═════ Provided data
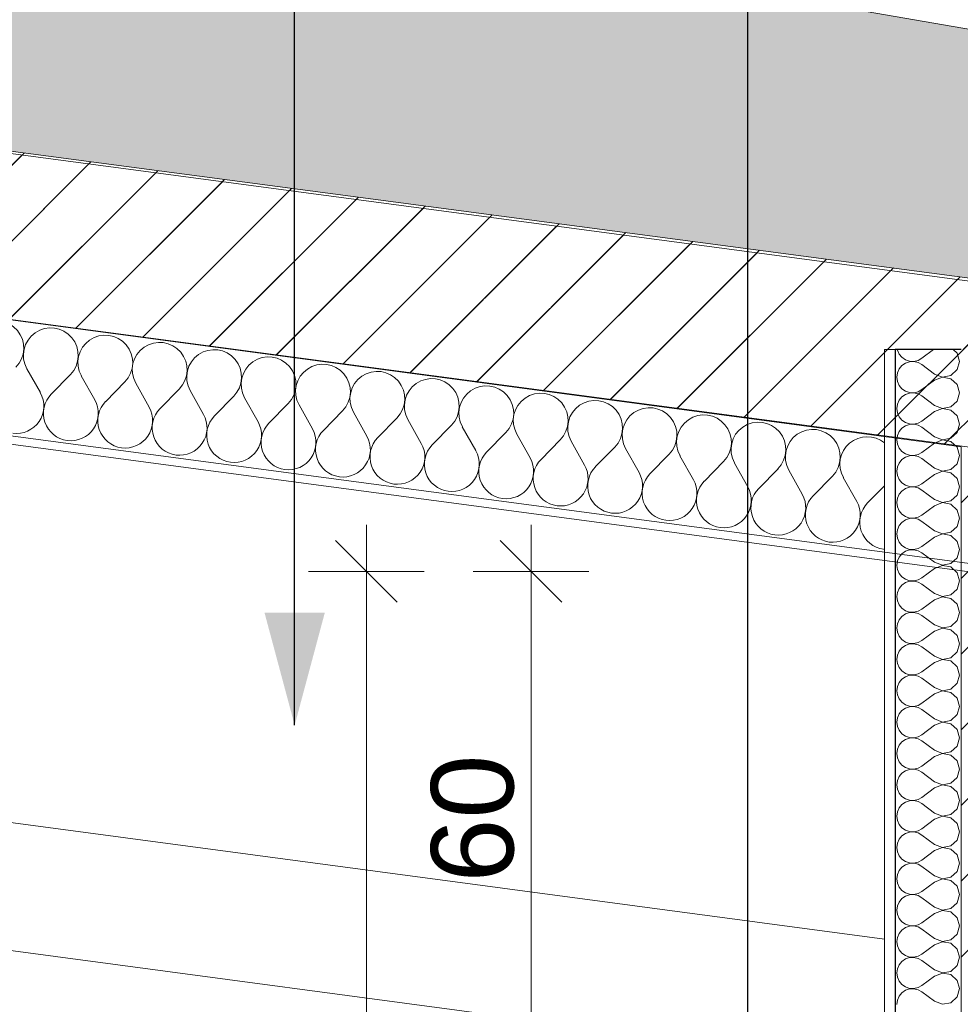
# Model space of a CAD drawing. Header units: millimetres. Extents: x -33687 to -7545, y -1870 to 7865.
# Tile 27 of 31: x -12037 to -10895, y 2286 to 3482. Entities that reach past the tile are written whole.
import ezdxf

# ---------------------------------------------------------------- set-up
doc = ezdxf.new("R2010")
doc.units = ezdxf.units.MM
doc.header["$MEASUREMENT"] = 0
for name, color, linetype in [('2D - Dessin général.AL', 7, 'Continuous'), ('_Constr - Structure.AL', 7, 'Continuous'), ('Nouveau_2D - Cotations pour 50ème.AL', 7, 'Continuous'), ('Nouveau_2D - Dessin général.AL', 7, 'Continuous'), ('Nouveau_2D - Texte pour 50ème.AL', 7, 'Continuous'), ('Nouveau__Murs - Extérieurs.AL', 7, 'Continuous'), ('Nouveau__Toits - Toitures.AL', 7, 'Continuous')]:
    doc.layers.add(name, color=color, linetype=linetype)
doc.styles.add('STYLE_GENERE_1', font='arial.ttf')
doc.dimstyles.new('STYLE_GENERE__1', dxfattribs={"dimtxt": 100, "dimasz": 71.25, "dimexe": 0.18, "dimexo": 0.0625, "dimgap": 0, "dimtad": 1, "dimtih": 1, "dimtoh": 1, "dimlfac": 0.001, "dimzin": 0, "dimdsep": 46, "dimtxsty": 'STYLE_GENERE_1', "dimblk": 'ARROWHEAD_6', "dimblk1": 'ARROWHEAD_6', "dimblk2": 'ARROWHEAD_6', "dimcen": 0.09, "dimse1": 1, "dimse2": 1, "dimclrd": 7, "dimclre": 7, "dimclrt": 7, "dimazin": 0, "dimtfac": 1, "dimtdec": 4, "dimtmove": 0, "dimatfit": 3, "dimfxl": 0, "dimtolj": 1, "dimtzin": 0, "dimarcsym": 0})
doc.dimstyles.new('STYLE_GENERE__3', dxfattribs={"dimtxt": 0.18, "dimasz": 136.8, "dimexe": 0.18, "dimexo": 0.0625, "dimgap": 0, "dimtad": 0, "dimtih": 1, "dimtoh": 1, "dimdec": 4, "dimzin": 0, "dimdsep": 46, "dimcen": 0.09, "dimadec": 0, "dimazin": 0, "dimtfac": 1, "dimtdec": 4, "dimtmove": 0, "dimatfit": 3, "dimldrblk": 'ARROWHEAD_5', "dimfxl": 0, "dimtolj": 1, "dimtzin": 0, "dimarcsym": 0})
doc.dimstyles.new('STYLE_GENERE__4', dxfattribs={"dimtxt": 100, "dimasz": 71.25, "dimexe": 0.18, "dimexo": 0.0625, "dimgap": 0, "dimtad": 1, "dimlfac": 0.001, "dimzin": 0, "dimdsep": 46, "dimtxsty": 'STYLE_GENERE_1', "dimblk": 'ARROWHEAD_6', "dimblk1": 'ARROWHEAD_6', "dimblk2": 'ARROWHEAD_6', "dimcen": 0.09, "dimse1": 1, "dimse2": 1, "dimclrd": 7, "dimclre": 7, "dimclrt": 7, "dimazin": 0, "dimtfac": 1, "dimtdec": 4, "dimtmove": 0, "dimatfit": 3, "dimfxl": 0, "dimtolj": 1, "dimtzin": 0, "dimarcsym": 0})
pattern_1 = [(45, (0, 0), (-45.96194, 45.96194), [])]

# ---------------------------------------------------------------- blocks, each defined once
blk = doc.blocks.new('Élément de coupe_10')
at = {"layer": '_Constr - Structure.AL', "color": 7, "linetype": 'Continuous', "lineweight": 5}
for p, q in [((-10986.8, 2364.8), (-12557.5, 2574.5)), ((-10986.8, 2209.5), (-12557.5, 2419.2))]:
    blk.add_line(p, q, dxfattribs=at)
blk = doc.blocks.new('*X21')
at = {"layer": 'Nouveau__Murs - Extérieurs.AL', "color": 7, "linetype": 'Continuous', "lineweight": 5}
for p, q in [((-10971.3, 3081), (-10971.2, 3080.5)), ((-10971.2, 3080.5), (-10969.1, 3075.7)), ((-10969.1, 3075.7), (-10965.7, 3071.7)), ((-10927.4, 3081), (-10941.4, 3070.5)), ((-10898.6, 3076.7), (-10903.3, 3081)), ((-10895.7, 3066.7), (-10898.6, 3076.7)), ((-10965.7, 3071.7), (-10961.4, 3068.7)), ((-10961.4, 3064.7), (-10965.7, 3061.7)), ((-10961.4, 3068.7), (-10956.4, 3067)), ((-10956.4, 3066.3), (-10961.4, 3064.7)), ((-10956.4, 3067), (-10951.2, 3066.7)), ((-10951.2, 3066.6), (-10956.4, 3066.3)), ((-10951.2, 3066.7), (-10946, 3067.9)), ((-10946, 3065.4), (-10951.2, 3066.6)), ((-10946, 3067.9), (-10941.4, 3070.5)), ((-10941.4, 3062.9), (-10946, 3065.4)), ((-10926.2, 3051.4), (-10941.4, 3062.9)), ((-10898.6, 3056.7), (-10895.7, 3066.7)), ((-10971.2, 3052.8), (-10971.9, 3047.6)), ((-10969.1, 3057.6), (-10971.2, 3052.8)), ((-10965.7, 3061.7), (-10969.1, 3057.6)), ((-10926.2, 3051.4), (-10916.5, 3047.7)), ((-10906.3, 3049.6), (-10898.6, 3056.7)), ((-10971.9, 3047.6), (-10971.2, 3042.4)), ((-10971.2, 3042.4), (-10969.1, 3037.6)), ((-10926.2, 3043.8), (-10941.4, 3032.4)), ((-10916.5, 3047.5), (-10926.2, 3043.8)), ((-10916.5, 3047.7), (-10906.3, 3049.6)), ((-10906.3, 3045.6), (-10916.5, 3047.5)), ((-10898.6, 3038.6), (-10906.3, 3045.6)), ((-10895.7, 3028.6), (-10898.6, 3038.6)), ((-10969.1, 3037.6), (-10965.7, 3033.6)), ((-10965.7, 3033.6), (-10961.4, 3030.6)), ((-10961.4, 3026.6), (-10965.7, 3023.6)), ((-10961.4, 3030.6), (-10956.4, 3028.9)), ((-10956.4, 3028.2), (-10961.4, 3026.6)), ((-10956.4, 3028.9), (-10951.2, 3028.6)), ((-10951.2, 3028.5), (-10956.4, 3028.2)), ((-10951.2, 3028.6), (-10946, 3029.8)), ((-10946, 3027.3), (-10951.2, 3028.5)), ((-10946, 3029.8), (-10941.4, 3032.4)), ((-10941.4, 3024.8), (-10946, 3027.3)), ((-10898.6, 3018.6), (-10895.7, 3028.6)), ((-10971.2, 3014.7), (-10971.9, 3009.5)), ((-10969.1, 3019.5), (-10971.2, 3014.7)), ((-10965.7, 3023.6), (-10969.1, 3019.5)), ((-10926.2, 3013.3), (-10941.4, 3024.8)), ((-10906.3, 3011.5), (-10898.6, 3018.6)), ((-10971.9, 3009.5), (-10971.2, 3004.3)), ((-10971.2, 3004.3), (-10969.1, 2999.5)), ((-10926.2, 3005.7), (-10941.4, 2994.3)), ((-10926.2, 3013.3), (-10916.5, 3009.6)), ((-10916.5, 3009.4), (-10926.2, 3005.7)), ((-10916.5, 3009.6), (-10906.3, 3011.5)), ((-10906.3, 3007.5), (-10916.5, 3009.4)), ((-10898.6, 3000.5), (-10906.3, 3007.5)), ((-10969.1, 2999.5), (-10965.7, 2995.5)), ((-10965.7, 2995.5), (-10961.4, 2992.5)), ((-10961.4, 2992.5), (-10956.4, 2990.8)), ((-10956.4, 2990.8), (-10951.2, 2990.6)), ((-10951.2, 2990.4), (-10956.4, 2990.1)), ((-10951.2, 2990.6), (-10946, 2991.7)), ((-10946, 2989.2), (-10951.2, 2990.4)), ((-10946, 2991.7), (-10941.4, 2994.3)), ((-10895.7, 2990.5), (-10898.6, 3000.5)), ((-10898.6, 2980.5), (-10895.7, 2990.5)), ((-10969.1, 2981.4), (-10971.2, 2976.6)), ((-10965.7, 2985.5), (-10969.1, 2981.4)), ((-10961.4, 2988.5), (-10965.7, 2985.5)), ((-10956.4, 2990.1), (-10961.4, 2988.5)), ((-10941.4, 2986.7), (-10946, 2989.2)), ((-10926.2, 2975.2), (-10941.4, 2986.7)), ((-10906.3, 2973.4), (-10898.6, 2980.5)), ((-10971.2, 2976.6), (-10971.9, 2971.4)), ((-10971.9, 2971.4), (-10971.2, 2966.2)), ((-10926.2, 2967.6), (-10941.4, 2956.2)), ((-10926.2, 2975.2), (-10916.5, 2971.5)), ((-10916.5, 2971.4), (-10926.2, 2967.6)), ((-10916.5, 2971.5), (-10906.3, 2973.4)), ((-10906.3, 2969.4), (-10916.5, 2971.4)), ((-10898.6, 2962.4), (-10906.3, 2969.4)), ((-10971.2, 2966.2), (-10969.1, 2961.4)), ((-10969.1, 2961.4), (-10965.7, 2957.4)), ((-10965.7, 2957.4), (-10961.4, 2954.4)), ((-10961.4, 2954.4), (-10956.4, 2952.7)), ((-10946, 2953.6), (-10941.4, 2956.2)), ((-10895.7, 2952.4), (-10898.6, 2962.4)), ((-10969.1, 2943.3), (-10971.2, 2938.5)), ((-10965.7, 2947.4), (-10969.1, 2943.3)), ((-10961.4, 2950.4), (-10965.7, 2947.4)), ((-10956.4, 2952), (-10961.4, 2950.4)), ((-10956.4, 2952.7), (-10951.2, 2952.5)), ((-10951.2, 2952.3), (-10956.4, 2952)), ((-10951.2, 2952.5), (-10946, 2953.6)), ((-10946, 2951.1), (-10951.2, 2952.3)), ((-10941.4, 2948.6), (-10946, 2951.1)), ((-10926.2, 2937.1), (-10941.4, 2948.6)), ((-10906.3, 2935.3), (-10898.6, 2942.4)), ((-10898.6, 2942.4), (-10895.7, 2952.4)), ((-10971.2, 2938.5), (-10971.9, 2933.3)), ((-10971.9, 2933.3), (-10971.2, 2928.1)), ((-10926.2, 2937.1), (-10916.5, 2933.4)), ((-10916.5, 2933.3), (-10926.2, 2929.5)), ((-10916.5, 2933.4), (-10906.3, 2935.3)), ((-10906.3, 2931.3), (-10916.5, 2933.3)), ((-10898.6, 2924.3), (-10906.3, 2931.3)), ((-10971.2, 2928.1), (-10969.1, 2923.3)), ((-10969.1, 2923.3), (-10965.7, 2919.3)), ((-10965.7, 2919.3), (-10961.4, 2916.3)), ((-10926.2, 2929.5), (-10941.4, 2918.1)), ((-10895.7, 2914.3), (-10898.6, 2924.3)), ((-10965.7, 2909.3), (-10969.1, 2905.3)), ((-10961.4, 2912.3), (-10965.7, 2909.3)), ((-10961.4, 2916.3), (-10956.4, 2914.6)), ((-10956.4, 2914), (-10961.4, 2912.3)), ((-10956.4, 2914.6), (-10951.2, 2914.4)), ((-10951.2, 2914.2), (-10956.4, 2914)), ((-10951.2, 2914.4), (-10946, 2915.6)), ((-10946, 2913), (-10951.2, 2914.2)), ((-10946, 2915.6), (-10941.4, 2918.1)), ((-10941.4, 2910.5), (-10946, 2913)), ((-10926.2, 2899), (-10941.4, 2910.5)), ((-10898.6, 2904.3), (-10895.7, 2914.3)), ((-10971.2, 2900.4), (-10971.9, 2895.2)), ((-10971.9, 2895.2), (-10971.2, 2890)), ((-10969.1, 2905.3), (-10971.2, 2900.4)), ((-10926.2, 2899), (-10916.5, 2895.3)), ((-10916.5, 2895.2), (-10926.2, 2891.4)), ((-10916.5, 2895.3), (-10906.3, 2897.2)), ((-10906.3, 2893.2), (-10916.5, 2895.2)), ((-10906.3, 2897.2), (-10898.6, 2904.3)), ((-10971.2, 2890), (-10969.1, 2885.2)), ((-10969.1, 2885.2), (-10965.7, 2881.2)), ((-10926.2, 2891.4), (-10941.4, 2880)), ((-10898.6, 2886.2), (-10906.3, 2893.2)), ((-10895.7, 2876.2), (-10898.6, 2886.2)), ((-10965.7, 2871.2), (-10969.1, 2867.2)), ((-10965.7, 2881.2), (-10961.4, 2878.2)), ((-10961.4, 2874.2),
══════════
**Exercise**:
From the material above, tally every line that includes the word "dimtxt" and state the count only.

**Written answer**:
3